A:"Are you sick, B?"
B:Surely, I am very sick today"
A:"la bass", "Tauur:expiation" Allah willing"
And sometimes it carries the meaning of _*OK*_.


----------



## MarcB

Yes All of the Maghreb and Yemen as well as what  Ayed said.


----------



## Josh_

I can't recall if I ever heard this in Egypt, but I imagine it probably occurs.  

Anyway, I just wanted to point out that this comes from the MSA لا بأس la ba2s.  I heard it often at Middlebury.

Edit: Just to clarify, when it is said in Morrocan, badawi, and other dialects, the hamza is elided?


----------



## Ander

Josh_ said:


> Edit: Just to clarify, when it is said in Morrocan, badawi, and other dialects, the hamza is elided?



Is it a question or an affirmation ?


----------



## kifaru

Can بأس be used as a substitute for "only" as in "only flowers in the garden."?


----------



## Josh_

Ander said:


> Is it a question or an affirmation ?


It was a question.  Sorry for the confusion.



			
				kifaru said:
			
		

> Can بأس be used as a substitute for "only" as in "only flowers in the garden."?


The word بأس ba2s, in this context, means harm.  

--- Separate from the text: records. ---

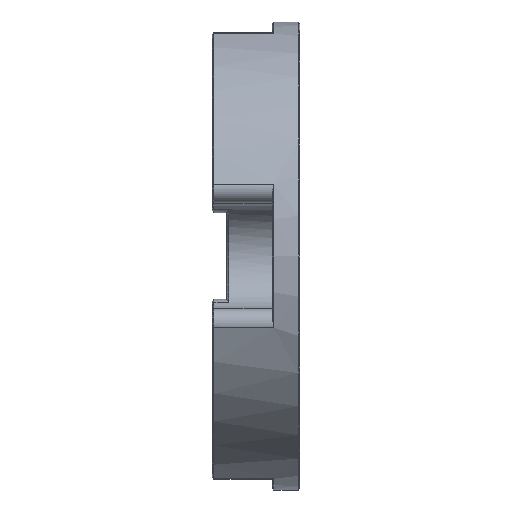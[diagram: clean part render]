
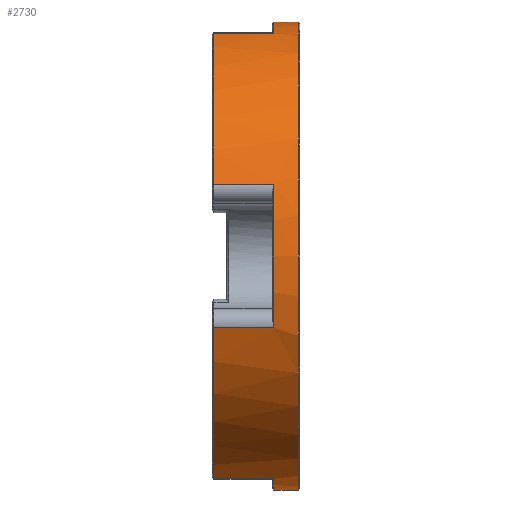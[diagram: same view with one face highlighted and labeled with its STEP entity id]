
A CAD part, left-side view. The second image highlights one B-rep face of the part: STEP entity #2730.
In plain terms, the highlighted cylindrical face has radius 15.975 mm (diameter 31.95 mm), a partial arc.
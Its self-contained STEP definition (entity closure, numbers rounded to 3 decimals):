
#507 = DIRECTION ( 'NONE',  ( 0., 0., 1. ) ) ;
#634 = CYLINDRICAL_SURFACE ( 'NONE', #12339, 15.975 ) ;
#920 = CARTESIAN_POINT ( 'NONE',  ( -15.203, -1.225, -4.907 ) ) ;
#1102 = VERTEX_POINT ( 'NONE', #10800 ) ;
#1173 = CIRCLE ( 'NONE', #8751, 15.975 ) ;
#1454 = ORIENTED_EDGE ( 'NONE', *, *, #3440, .T. ) ;
#1584 = CARTESIAN_POINT ( 'NONE',  ( -4.907, 3., -15.203 ) ) ;
#1783 = DIRECTION ( 'NONE',  ( 0., 0., 1. ) ) ;
#1831 = EDGE_CURVE ( 'NONE', #14257, #13324, #5999, .T. ) ;
#2149 = CARTESIAN_POINT ( 'NONE',  ( 0., -1.225, 0. ) ) ;
#2263 = LINE ( 'NONE', #15714, #4051 ) ;
#2275 = CARTESIAN_POINT ( 'NONE',  ( 0., 2.875, 0. ) ) ;
#2532 = AXIS2_PLACEMENT_3D ( 'NONE', #18390, #20170, #20315 ) ;
#2687 = DIRECTION ( 'NONE',  ( 0., -1., 0. ) ) ;
#2730 = ADVANCED_FACE ( 'NONE', ( #4471 ), #634, .T. ) ;
#2959 = DIRECTION ( 'NONE',  ( 0., -1., 0. ) ) ;
#2980 = CARTESIAN_POINT ( 'NONE',  ( -15.203, 3., 4.907 ) ) ;
#3438 = VERTEX_POINT ( 'NONE', #4206 ) ;
#3440 = EDGE_CURVE ( 'NONE', #15174, #9006, #1173, .T. ) ;
#3714 = VERTEX_POINT ( 'NONE', #15443 ) ;
#3948 = AXIS2_PLACEMENT_3D ( 'NONE', #2149, #8573, #15033 ) ;
#4051 = VECTOR ( 'NONE', #18632, 1000. ) ;
#4135 = AXIS2_PLACEMENT_3D ( 'NONE', #5134, #18151, #1783 ) ;
#4146 = DIRECTION ( 'NONE',  ( 0., -1., 0. ) ) ;
#4206 = CARTESIAN_POINT ( 'NONE',  ( -15.203, -1.225, 4.907 ) ) ;
#4403 = VERTEX_POINT ( 'NONE', #15139 ) ;
#4445 = DIRECTION ( 'NONE',  ( 0., 0., -1. ) ) ;
#4471 = FACE_OUTER_BOUND ( 'NONE', #13886, .T. ) ;
#4675 = DIRECTION ( 'NONE',  ( 0., 0., 1. ) ) ;
#4702 = VERTEX_POINT ( 'NONE', #17481 ) ;
#4856 = ORIENTED_EDGE ( 'NONE', *, *, #9492, .T. ) ;
#5045 = EDGE_CURVE ( 'NONE', #15833, #4403, #7914, .T. ) ;
#5134 = CARTESIAN_POINT ( 'NONE',  ( 0., -1.225, 0. ) ) ;
#5405 = ORIENTED_EDGE ( 'NONE', *, *, #5800, .T. ) ;
#5710 = LINE ( 'NONE', #16049, #18135 ) ;
#5800 = EDGE_CURVE ( 'NONE', #11060, #4702, #10166, .T. ) ;
#5999 = CIRCLE ( 'NONE', #4135, 15.975 ) ;
#6418 = CARTESIAN_POINT ( 'NONE',  ( 0., -1.225, 0. ) ) ;
#7544 = CARTESIAN_POINT ( 'NONE',  ( 0., 3., 0. ) ) ;
#7570 = VECTOR ( 'NONE', #2687, 1000. ) ;
#7914 = CIRCLE ( 'NONE', #2532, 15.975 ) ;
#8032 = DIRECTION ( 'NONE',  ( 0., -1., 0. ) ) ;
#8250 = ORIENTED_EDGE ( 'NONE', *, *, #1831, .T. ) ;
#8541 = EDGE_CURVE ( 'NONE', #3438, #9765, #11347, .T. ) ;
#8573 = DIRECTION ( 'NONE',  ( 0., -1., 0. ) ) ;
#8751 = AXIS2_PLACEMENT_3D ( 'NONE', #10666, #17147, #8783 ) ;
#8783 = DIRECTION ( 'NONE',  ( 0., 0., 1. ) ) ;
#9006 = VERTEX_POINT ( 'NONE', #14583 ) ;
#9492 = EDGE_CURVE ( 'NONE', #9006, #3438, #16703, .T. ) ;
#9579 = CARTESIAN_POINT ( 'NONE',  ( -4.907, 2.875, 15.203 ) ) ;
#9765 = VERTEX_POINT ( 'NONE', #920 ) ;
#10166 = CIRCLE ( 'NONE', #19805, 15.975 ) ;
#10454 = ORIENTED_EDGE ( 'NONE', *, *, #16697, .T. ) ;
#10465 = CARTESIAN_POINT ( 'NONE',  ( 0., -1.225, 15.975 ) ) ;
#10501 = ORIENTED_EDGE ( 'NONE', *, *, #8541, .T. ) ;
#10666 = CARTESIAN_POINT ( 'NONE',  ( 0., 2.875, 0. ) ) ;
#10760 = DIRECTION ( 'NONE',  ( 0., -1., 0. ) ) ;
#10800 = CARTESIAN_POINT ( 'NONE',  ( -4.907, -1.225, -15.203 ) ) ;
#11060 = VERTEX_POINT ( 'NONE', #13728 ) ;
#11347 = CIRCLE ( 'NONE', #3948, 15.975 ) ;
#11524 = AXIS2_PLACEMENT_3D ( 'NONE', #6418, #8032, #4675 ) ;
#11938 = LINE ( 'NONE', #21028, #20115 ) ;
#12339 = AXIS2_PLACEMENT_3D ( 'NONE', #7544, #10760, #4445 ) ;
#13324 = VERTEX_POINT ( 'NONE', #16566 ) ;
#13474 = LINE ( 'NONE', #1584, #18329 ) ;
#13624 = ORIENTED_EDGE ( 'NONE', *, *, #13675, .T. ) ;
#13626 = ORIENTED_EDGE ( 'NONE', *, *, #16629, .T. ) ;
#13675 = EDGE_CURVE ( 'NONE', #13324, #15174, #5710, .T. ) ;
#13728 = CARTESIAN_POINT ( 'NONE',  ( -15.203, 2.875, -4.907 ) ) ;
#13886 = EDGE_LOOP ( 'NONE', ( #16680, #8250, #13624, #1454, #4856, #10501, #10454, #5405, #13626, #18402, #17174, #16817 ) ) ;
#14134 = EDGE_CURVE ( 'NONE', #14257, #4403, #20751, .T. ) ;
#14257 = VERTEX_POINT ( 'NONE', #10465 ) ;
#14583 = CARTESIAN_POINT ( 'NONE',  ( -15.203, 2.875, 4.907 ) ) ;
#15033 = DIRECTION ( 'NONE',  ( 0., 0., 1. ) ) ;
#15139 = CARTESIAN_POINT ( 'NONE',  ( 0., -2.875, 15.975 ) ) ;
#15174 = VERTEX_POINT ( 'NONE', #9579 ) ;
#15443 = CARTESIAN_POINT ( 'NONE',  ( 0., -1.225, -15.975 ) ) ;
#15714 = CARTESIAN_POINT ( 'NONE',  ( 0., 3., -15.975 ) ) ;
#15833 = VERTEX_POINT ( 'NONE', #16900 ) ;
#16049 = CARTESIAN_POINT ( 'NONE',  ( -4.907, 3., 15.203 ) ) ;
#16181 = DIRECTION ( 'NONE',  ( 0., 1., 0. ) ) ;
#16532 = DIRECTION ( 'NONE',  ( 0., -1., 0. ) ) ;
#16566 = CARTESIAN_POINT ( 'NONE',  ( -4.907, -1.225, 15.203 ) ) ;
#16629 = EDGE_CURVE ( 'NONE', #4702, #1102, #13474, .T. ) ;
#16680 = ORIENTED_EDGE ( 'NONE', *, *, #14134, .F. ) ;
#16697 = EDGE_CURVE ( 'NONE', #9765, #11060, #11938, .T. ) ;
#16703 = LINE ( 'NONE', #2980, #7570 ) ;
#16817 = ORIENTED_EDGE ( 'NONE', *, *, #5045, .T. ) ;
#16900 = CARTESIAN_POINT ( 'NONE',  ( 0., -2.875, -15.975 ) ) ;
#17147 = DIRECTION ( 'NONE',  ( 0., -1., 0. ) ) ;
#17174 = ORIENTED_EDGE ( 'NONE', *, *, #20656, .T. ) ;
#17221 = CARTESIAN_POINT ( 'NONE',  ( 0., 3., 15.975 ) ) ;
#17481 = CARTESIAN_POINT ( 'NONE',  ( -4.907, 2.875, -15.203 ) ) ;
#17669 = VECTOR ( 'NONE', #4146, 1000. ) ;
#18135 = VECTOR ( 'NONE', #16181, 1000. ) ;
#18151 = DIRECTION ( 'NONE',  ( 0., -1., 0. ) ) ;
#18274 = CIRCLE ( 'NONE', #11524, 15.975 ) ;
#18329 = VECTOR ( 'NONE', #2959, 1000. ) ;
#18390 = CARTESIAN_POINT ( 'NONE',  ( 0., -2.875, 0. ) ) ;
#18402 = ORIENTED_EDGE ( 'NONE', *, *, #19282, .T. ) ;
#18632 = DIRECTION ( 'NONE',  ( 0., -1., 0. ) ) ;
#19127 = DIRECTION ( 'NONE',  ( 0., 1., 0. ) ) ;
#19282 = EDGE_CURVE ( 'NONE', #1102, #3714, #18274, .T. ) ;
#19805 = AXIS2_PLACEMENT_3D ( 'NONE', #2275, #16532, #507 ) ;
#20115 = VECTOR ( 'NONE', #19127, 1000. ) ;
#20170 = DIRECTION ( 'NONE',  ( 0., 1., 0. ) ) ;
#20315 = DIRECTION ( 'NONE',  ( 0., 0., 1. ) ) ;
#20656 = EDGE_CURVE ( 'NONE', #3714, #15833, #2263, .T. ) ;
#20751 = LINE ( 'NONE', #17221, #17669 ) ;
#21028 = CARTESIAN_POINT ( 'NONE',  ( -15.203, 3., -4.907 ) ) ;

You are thinking of the colloquial word بسّ bass.  It can be used to express the idea of 'only':

فيه ورد في الجنينة بس 
fii ward fig-gineena bass.


----------



## Andrew___

Yes it is definitely alided in the Moroccan dialect.


----------



## MarcB

Ander said:


> Is it a question or an affirmation ?



In the Maghreb.
Ali: la bas?
Slimane: la bas

Tunis
Ali: la basa?
Slimane: la bas


----------



## huhmzah

I've heard "labaas" used a lot by Tunisians -- the usual answer for chna7walek (شناحوالك) "shnaaHwaalek" (how are you?) is "labaas! l7amdoulillah."
Also, if you wanna ask "Are you doing ok?" or what would be the equivalent of "Ca va?" they also say "labaasa?"


----------



## Ander

MarcB said:


> In the Maghreb.
> Ali: la bas?
> Slimane: la bas
> 
> Tunis
> Ali: la basa?
> Slimane: la bas



I have noticed that people from the Maghreb tend to change the Classical Arabic "a" into "e".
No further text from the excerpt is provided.